Unduh BUKU Dakwah Rasul SAW Metode Supremasi Ideologi Islam

Kamis, 28 Januari 2021

Pemerintahan Rezim Pemalak Pro Asing



Ketua Lajnah Maslahiyah DPP Arim Nasim mengatakan, ”Karena pola pikir pemerintah dan para pendukung pemerintah baik DPR ataupun kalangan intelektualnya sudah terjajah dengan pemikiran liberalisme dan kapitalisme. Yang ada di otak mereka adalah pemikiran neoliberalisme dan kapitalisme," katanya.

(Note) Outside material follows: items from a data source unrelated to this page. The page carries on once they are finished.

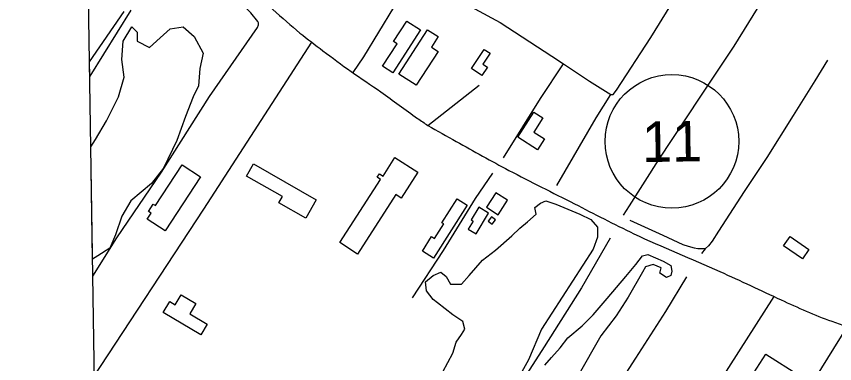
# Model space of a CAD drawing. Extents: x 3855477 to 3893699, y 299188 to 325115.
# Drawn here: x 3859445 to 3861465, y 310674 to 311532 of the extents above; entities that cross this region are included whole.
import ezdxf

# ---------------------------------------------------------------- set-up
doc = ezdxf.new("R2010")
doc.units = 0
for name, color, linetype in [('V-BLDG-OTLN', 7, 'Continuous'), ('V-GRID-FRAM', 7, 'Continuous'), ('V-ROAD-CNTR', 7, 'Continuous'), ('V-ROAD-IDEN', 7, 'Continuous'), ('V-SITE-VEGE', 7, 'Continuous'), ('V-TOPO-SHOR', 7, 'Continuous')]:
    doc.layers.add(name, color=color, linetype=linetype)

msp = doc.modelspace()

# ---------------------------------------------------------------- linework, layer by layer
at = {"layer": 'V-BLDG-OTLN'}
for points in [[(3860442.9, 311498.5), (3860374.1, 311392.1), (3860348.8, 311408.5), (3860384.9, 311464.3), (3860376.5, 311469.7), (3860409.2, 311520.3)], [(3860460.3, 311498.9), (3860486.7, 311481.9), (3860469.8, 311455.7), (3860486.2, 311445.2), (3860432.4, 311361.5), (3860389.6, 311389)], [(3860568.2, 311403.1), (3860599.6, 311450.3), (3860614.4, 311440.5), (3860596.6, 311413.8), (3860608, 311406.1), (3860594.4, 311385.7)], [(3860682.8, 311233.4), (3860722.1, 311295.2), (3860744.4, 311281), (3860722.2, 311246.1), (3860749, 311229), (3860731.9, 311202.1)], [(3860243.6, 310972.9), (3860344.1, 311129.2), (3860336.1, 311134.3), (3860341.7, 311143.1), (3860350.5, 311137.4), (3860379.8, 311182.9), (3860435.9, 311146.8), (3860394.8, 311082.9), (3860381.5, 311091.5), (3860287.2, 310944.9)], [(3859854.4, 311165.3), (3859899.7, 311135.8), (3859812.7, 311002.2), (3859768.3, 311031.1), (3859778, 311046), (3859771.7, 311050), (3859783.3, 311067.8), (3859788.7, 311064.3)], [(3860030.4, 311167.4), (3860185.6, 311078.9), (3860159.8, 311033.6), (3860093.4, 311071.5), (3860102, 311086.6), (3860013.2, 311137.3)], [(3860628.8, 311096), (3860606, 311060.3), (3860634.7, 311041.9), (3860657.5, 311077.7)], [(3860557.7, 311065.1), (3860474.8, 310934.4), (3860447.3, 310951.8), (3860470.2, 310987.8), (3860477.6, 310983.1), (3860500.4, 311019), (3860495.6, 311021.9), (3860532.9, 311080.8)], [(3860580.1, 310994.3), (3860610.9, 311046.1), (3860586.6, 311060.6), (3860567.8, 311029), (3860572.6, 311026.1), (3860560.6, 311006)], [(3860617.7, 311036.9), (3860609.7, 311026.4), (3860619.7, 311018.7), (3860627.7, 311029.2)], [(3861355.3, 310988.4), (3861401.5, 310955.7), (3861385.2, 310932.7), (3861339, 310965.4)], [(3859900.5, 310745.2), (3859807.8, 310800.1), (3859824, 310827.5), (3859837.5, 310819.5), (3859852, 310844.1), (3859888.6, 310822.5), (3859873.5, 310796.9), (3859916.2, 310771.6)], [(3861251, 310628.7), (3861294.9, 310697.6), (3861377.9, 310644.8), (3861333.9, 310575.6), (3861306.7, 310592.9), (3861291.5, 310569.1), (3861316.4, 310553.3), (3861305.3, 310535.8), (3861222.7, 310588.5), (3861234.3, 310606.7), (3861263.2, 310588.3), (3861278, 310611.6)]]:
    msp.add_lwpolyline(points, close=True, dxfattribs=at)
at = {"layer": 'V-GRID-FRAM'}
msp.add_lwpolyline([(3859445.3, 322797), (3891292.6, 323315.8), (3891596.8, 305135.9), (3859733.6, 304616.8), (3859445.3, 322797)], dxfattribs=at)
at = {"layer": 'V-ROAD-CNTR'}
for points in [[(3860276.2, 311393.5), (3860303, 311432.2), (3860377, 311553.8)], [(3860173.8, 311468), (3859907.5, 311055.6), (3859634.7, 310640.5)], [(3860461, 311262.2), (3860587.7, 311361.9)], [(3861315, 310839.8), (3861077.7, 310468.9)], [(3861496.1, 310765.8), (3861268, 310398.5), (3861240.4, 310360.1)]]:
    msp.add_lwpolyline(points, dxfattribs=at)
for points in [[(3859613.3, 311989.2), (3859816.5, 311793.7), (3859931.5, 311684.6), (3860011.9, 311608.3), (3860078.7, 311548.6), (3860145.2, 311490.6), (3860201.9, 311446.9), (3860271.3, 311395.8), (3860344.7, 311345.3), (3860435.6, 311279.7), (3860461, 311262.2)], [(3860461, 311262.2), (3860530.9, 311222.9), (3860661, 311151.4), (3860822.5, 311069), (3860969.5, 310994.9), (3861181.8, 310901.5), (3861332.6, 310831.7), (3861457.8, 310778.8), (3861532.1, 310756.1), (3861622.4, 310736.1), (3861704.6, 310721.1), (3861785.7, 310710.4), (3861858.8, 310704.3)]]:
    msp.add_spline(points, degree=3, dxfattribs=at)
at = {"layer": 'V-ROAD-IDEN'}
msp.add_circle((3861063.1, 311222.9), 165, dxfattribs=at)
msp.add_circle((3861063.1, 311222.9), 165, dxfattribs=at)
at = {"layer": 'V-SITE-VEGE'}
for p, q in [((3859727.5, 311546.7), (3859626.3, 311384.1)), ((3859625.7, 311419.7), (3859711.3, 311544)), ((3859708.6, 311470.9), (3859730.2, 311506.1)), ((3859730.2, 311506.1), (3859743.8, 311492.6)), ((3859824.9, 311500.7), (3859857.3, 311506.1)), ((3859857.3, 311506.1), (3859884.4, 311481.8)), ((3859743.8, 311492.6), (3859743.8, 311470.9)), ((3859800.5, 311479.1), (3859824.9, 311500.7)), ((3859705.9, 311425), (3859708.6, 311470.9)), ((3859743.8, 311470.9), (3859773.5, 311454.7)), ((3859773.5, 311454.7), (3859800.5, 311479.1)), ((3859884.4, 311481.8), (3859906, 311441.2)), ((3859711.3, 311381.7), (3859705.9, 311425)), ((3859906, 311441.2), (3859897.9, 311403.3)), ((3859626.3, 311384.1), (3859625.7, 311419.7)), ((3859897.9, 311403.3), (3859895.2, 311360)), ((3859697.8, 311333), (3859711.3, 311381.7)), ((3859895.2, 311360), (3859881.7, 311333)), ((3859668, 311273.5), (3859697.8, 311333)), ((3859881.7, 311333), (3859862.7, 311284.3)), ((3859862.7, 311284.3), (3859841.1, 311224.8)), ((3859641, 311227.5), (3859668, 311273.5)), ((3859629.1, 311209.5), (3859641, 311227.5)), ((3859841.1, 311224.8), (3859808.7, 311157.1)), ((3859633.5, 310932), (3859629.1, 311209.5)), ((3859808.7, 311157.1), (3859778.9, 311119.2)), ((3859778.9, 311119.2), (3859727.5, 311076)), ((3859727.5, 311076), (3859705.9, 311038.1)), ((3859705.9, 311038.1), (3859689.7, 310992.1)), ((3859689.7, 310992.1), (3859676.2, 310959.6)), ((3859646.4, 310940.7), (3859633.5, 310932)), ((3859676.2, 310959.6), (3859646.4, 310940.7))]:
    msp.add_line(p, q, dxfattribs=at)
for points in [[(3860498.2, 310653.9), (3860522.5, 310699.9), (3860530.6, 310727), (3860544.1, 310745.9), (3860552.3, 310759.4), (3860546.9, 310778.4), (3860522.5, 310794.6), (3860484.7, 310824.4), (3860473.8, 310832.5), (3860457.6, 310854.1), (3860454.9, 310875.8), (3860473.8, 310892), (3860492.8, 310900.1), (3860506.3, 310889.3), (3860517.1, 310870.4), (3860544.1, 310870.4), (3860563.1, 310892), (3860595.5, 310929.9), (3860628, 310954.2), (3860668.5, 310989.4), (3860687.5, 311008.3), (3860706.4, 311024.6), (3860728, 311043.5), (3860725.3, 311059.7), (3860738.8, 311070.6), (3860752.4, 311076), (3860776.7, 311067.8), (3860836.2, 311043.5), (3860863.2, 311030), (3860879.4, 311011), (3860879.4, 310986.7), (3860868.6, 310956.9), (3860741.5, 310759.4), (3860709.1, 310683.7), (3860692.9, 310653.9)], [(3860749.7, 310670.2), (3860765.9, 310689.1), (3860787.5, 310713.4), (3860806.4, 310737.8), (3860841.6, 310767.6), (3860868.6, 310794.6), (3860903.8, 310835.2), (3860949.7, 310889.3), (3860974.1, 310919.1), (3860990.3, 310940.7), (3861003.8, 310943.4), (3861041.7, 310927.2), (3861060.6, 310916.3), (3861063.3, 310902.8), (3861060.6, 310892), (3861049.8, 310886.6), (3861033.6, 310897.4), (3861036.3, 310910.9), (3861017.3, 310919.1), (3860998.4, 310913.6), (3860990.3, 310900.1), (3860955.2, 310837.9), (3860925.4, 310791.9), (3860887.6, 310743.2), (3860830.8, 310643.1)]]:
    msp.add_lwpolyline(points, dxfattribs=at)
at = {"layer": 'V-TOPO-SHOR'}
for points in [[(3862149, 312870.5), (3862093.3, 312784.2), (3862027.1, 312684.1), (3861933.1, 312545.9), (3861844, 312406.5), (3861755.6, 312272), (3861673.3, 312146.5), (3861631.9, 312086.2), (3861622, 312074.7), (3861612.8, 312063.9), (3861605.4, 312057.3), (3861597.4, 312046.5), (3861589.9, 312033.8), (3861552.8, 311980.1), (3861479.8, 311867.9), (3861424.8, 311783.4), (3861377.7, 311706.7), (3861288.1, 311575.8), (3861216.2, 311458.1), (3861133.4, 311334.5), (3861029.4, 311176.4), (3860957.6, 311063.5), (3860942.8, 311040.6)], [(3860514.3, 311585.1), (3860639.4, 311516.6), (3860766.8, 311433.3), (3860795.8, 311414.2), (3860860.2, 311371.6), (3860912.8, 311338.7), (3860915.8, 311338.6), (3860918.1, 311339.2), (3860926.5, 311349.7), (3861011, 311479.4), (3861099.1, 311623.2), (3861200.4, 311783.8), (3861289.6, 311919.4), (3861388.5, 312077.1), (3861502.2, 312240.6), (3861593.9, 312384.4), (3861713.7, 312566.6), (3861788, 312685.8), (3861807.8, 312714.5)], [(3859634.1, 310890.4), (3859693.5, 310984.7), (3859803.6, 311147.1), (3859922.3, 311333.5), (3860040.2, 311504), (3860043.2, 311511), (3860043.2, 311515.7), (3860040.9, 311519.3), (3860024.1, 311540.1), (3859912.9, 311651.4)], [(3860647.8, 311182.8), (3860738.5, 311328.9), (3860795.8, 311414.2)], [(3861446.9, 311423.5), (3861416.1, 311372.9), (3861362.5, 311287), (3861297.3, 311183), (3861241.3, 311099.5), (3861178.6, 311001.3), (3861162.9, 310976.7), (3861153.3, 310964.9), (3861146.5, 310958.8), (3861144.9, 310957.3), (3861136.5, 310946.2)], [(3860779.4, 311114.2), (3860876.3, 311280.8), (3860912.8, 311338.7)], [(3860422.7, 310836.9), (3860499.4, 310953.2), (3860578.6, 311082.3), (3860620.9, 311144.3)], [(3860959.2, 311028.1), (3861041.1, 310991.1), (3861090, 310968.6), (3861103.6, 310964.3), (3861118.3, 310960), (3861127.2, 310958.1), (3861146.5, 310958.8)], [(3860910.5, 310983.8), (3860839.8, 310861.2), (3860748.2, 310715.8), (3860662.2, 310582.4), (3860578, 310445.4), (3860509.3, 310342.9), (3860433.8, 310224), (3860362, 310110.5), (3860305.7, 310021.8), (3860284.1, 309993.5)], [(3861099.1, 310888.6), (3861047.2, 310803.3), (3860973.7, 310687.5), (3860903.1, 310578.7), (3860835, 310471.1), (3860763.2, 310358.3), (3860692.7, 310247.1), (3860625.8, 310143.1), (3860556.5, 310038.5), (3860505.2, 309957.3), (3860477.1, 309914.7)]]:
    msp.add_lwpolyline(points, dxfattribs=at)

# ---------------------------------------------------------------- texts
at = {"layer": 'V-ROAD-IDEN'}
msp.add_text('11', height=100, rotation=0.9334, dxfattribs=at).set_placement((3860989.9, 311171.7))

doc.saveas('drawing.dxf')

Dalam pandangan sistem neoliberalisme dan kapitalisme, kata Arim, sumber utama pendapatan negara untuk membiayai kegiatan negara atau memberikan pelayanan kepada rakyat itu adalah dengan jalan memungut kepada rakyat atau memalak rakyat baik dalam bentuk pajak ataupun berbagai pungutan lainnya.

Maka, lanjutnya, tak aneh jika sumberdaya itu diserahkan pengelolaannya kepada swasta. Sementara negara untuk membiayai kegiatannya mencari dengan jalan memungut pajak. ”Jadi bukan tidak bisa tapi memang yang ada di otaknya itu adalah memungut dari rakyat,” jelas doktor ekonomi Islam ini.

Sejak kemerdekaan, Indonesia memang terjebak dalam jerat kapitalisme global. Para penguasa di Indonesia mau tidak mau mengikuti arahan Barat dalam mengambil kebijakan negara. Para ekonom menyebut, kebijakan ekonomi Indonesia sama dan sebangun dengan paket kebijakan Konsensus Washington. Implementasinya kian kental setelah lndonesia masuk di era Reformasi.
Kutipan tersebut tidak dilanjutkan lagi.